> Data shown:

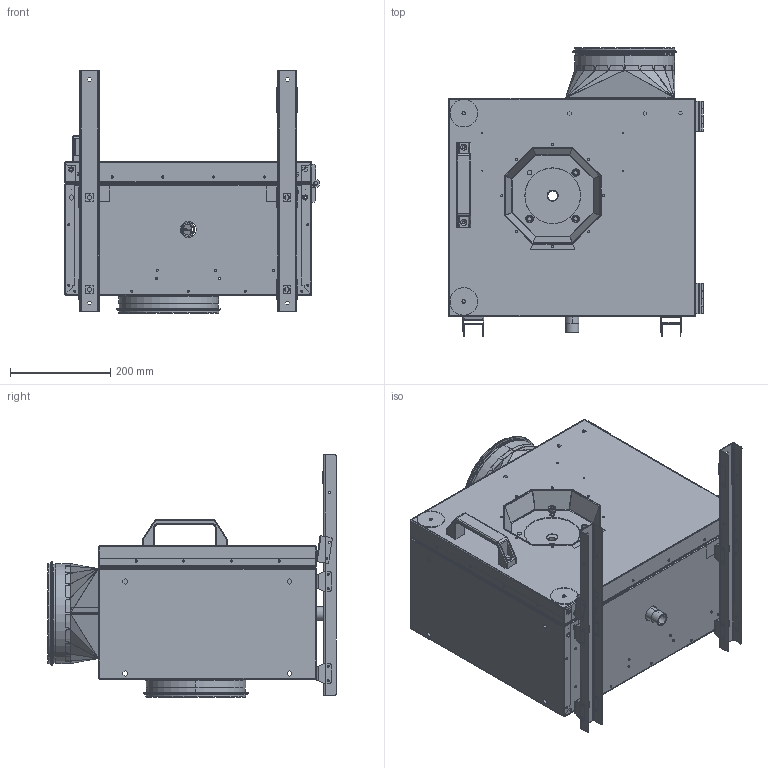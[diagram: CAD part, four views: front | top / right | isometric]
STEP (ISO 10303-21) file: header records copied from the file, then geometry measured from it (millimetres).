
FILE_DESCRIPTION (( 'STEP AP203' ), '1' );
FILE_NAME ('143071-00_MPS225EC30.STEP', '2018-03-05T07:16:34', ( '' ), ( '' ), 'SwSTEP 2.0', 'SolidWorks 2012', '' );
FILE_SCHEMA (( 'CONFIG_CONTROL_DESIGN' ));
Length unit declared in the file: millimetre
Products named in the file (1): 143071-00_MPS225EC30
Bounding box: 507.1 x 574.18 x 483 mm (x, y, z)
Surface area: 3789284.2 mm2 (no closed solid volume)
Topology: 0 solids, 144 shells, 1539 faces, 7774 edges, 6135 vertices
Faces by surface type: cylinder 779, plane 622, cone 52, bspline 48, torus 38
Entity records: 84739 total; most frequent: CARTESIAN_POINT 23043, DIRECTION 13021, ORIENTED_EDGE 10636, EDGE_CURVE 7774, VERTEX_POINT 6135, LINE 4429, VECTOR 4429, AXIS2_PLACEMENT_3D 4296
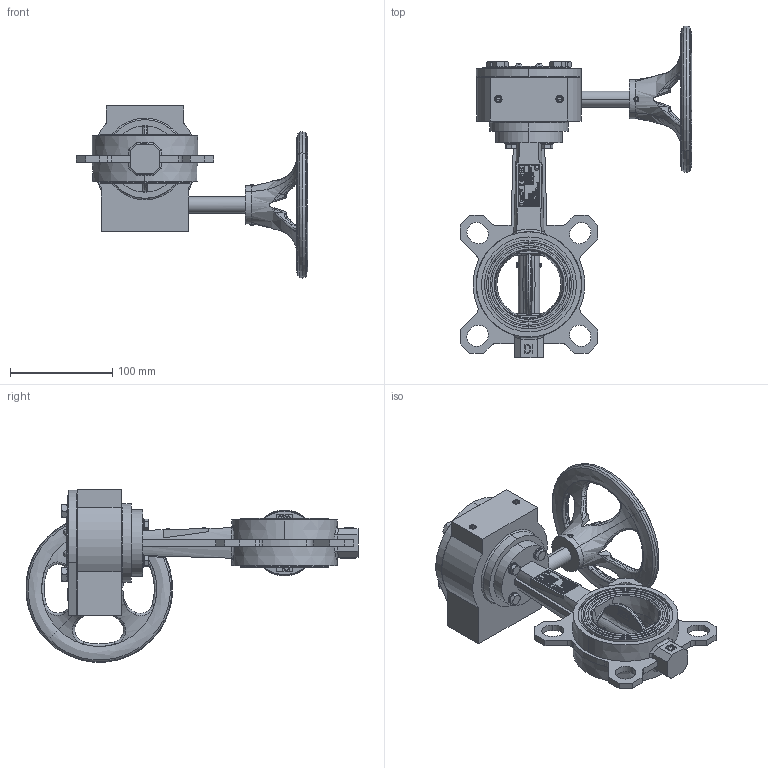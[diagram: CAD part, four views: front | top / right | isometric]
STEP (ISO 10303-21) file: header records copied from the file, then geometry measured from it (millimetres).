
FILE_DESCRIPTION (( 'STEP AP214' ), '1' );
FILE_NAME ('VPG444X-08XX0065.step', '2022-06-30T08:25:38', ( '' ), ( '' ), 'SwSTEP 2.0', 'SolidWorks 2020', '' );
FILE_SCHEMA (( 'AUTOMOTIVE_DESIGN' ));
Length unit declared in the file: millimetre
Products named in the file (1): VPG444X-08XX0065
Bounding box: 226.74 x 325.23 x 168.73 mm (x, y, z)
Surface area: 181441.3 mm2 (no closed solid volume)
Topology: 0 solids, 67 shells, 949 faces, 6458 edges, 5446 vertices
Faces by surface type: plane 536, bspline 189, cylinder 136, cone 84, torus 4
Entity records: 94939 total; most frequent: CARTESIAN_POINT 40572, ORIENTED_EDGE 8430, DIRECTION 7109, EDGE_CURVE 6440, VERTEX_POINT 5446, VECTOR 4219, LINE 4219, B_SPLINE_CURVE_WITH_KNOTS 1463

> Task details:
Line by line, give the material above again exactly, but without any pictures.

> Finished exercise:
[diagram: CAD part, four views: front | top / right | isometric]
STEP (ISO 10303-21) file: header records copied from the file, then geometry measured from it (millimetres).
FILE_DESCRIPTION (( 'STEP AP203' ), '1' );
FILE_NAME ('143071-00_MPS225EC30.STEP', '2018-03-05T07:16:34', ( '' ), ( '' ), 'SwSTEP 2.0', 'SolidWorks 2012', '' );
FILE_SCHEMA (( 'CONFIG_CONTROL_DESIGN' ));
Length unit declared in the file: millimetre
Products named in the file (1): 143071-00_MPS225EC30
Bounding box: 507.1 x 574.18 x 483 mm (x, y, z)
Surface area: 3789284.2 mm2 (no closed solid volume)
Topology: 0 solids, 144 shells, 1539 faces, 7774 edges, 6135 vertices
Faces by surface type: cylinder 779, plane 622, cone 52, bspline 48, torus 38
Entity records: 84739 total; most frequent: CARTESIAN_POINT 23043, DIRECTION 13021, ORIENTED_EDGE 10636, EDGE_CURVE 7774, VERTEX_POINT 6135, LINE 4429, VECTOR 4429, AXIS2_PLACEMENT_3D 4296
[diagram: CAD part, four views: front | top / right | isometric]
STEP (ISO 10303-21) file: header records copied from the file, then geometry measured from it (millimetres).
FILE_DESCRIPTION (( 'STEP AP214' ), '1' );
FILE_NAME ('VPG444X-08XX0065.step', '2022-06-30T08:25:38', ( '' ), ( '' ), 'SwSTEP 2.0', 'SolidWorks 2020', '' );
FILE_SCHEMA (( 'AUTOMOTIVE_DESIGN' ));
Length unit declared in the file: millimetre
Products named in the file (1): VPG444X-08XX0065
Bounding box: 226.74 x 325.23 x 168.73 mm (x, y, z)
Surface area: 181441.3 mm2 (no closed solid volume)
Topology: 0 solids, 67 shells, 949 faces, 6458 edges, 5446 vertices
Faces by surface type: plane 536, bspline 189, cylinder 136, cone 84, torus 4
Entity records: 94939 total; most frequent: CARTESIAN_POINT 40572, ORIENTED_EDGE 8430, DIRECTION 7109, EDGE_CURVE 6440, VERTEX_POINT 5446, VECTOR 4219, LINE 4219, B_SPLINE_CURVE_WITH_KNOTS 1463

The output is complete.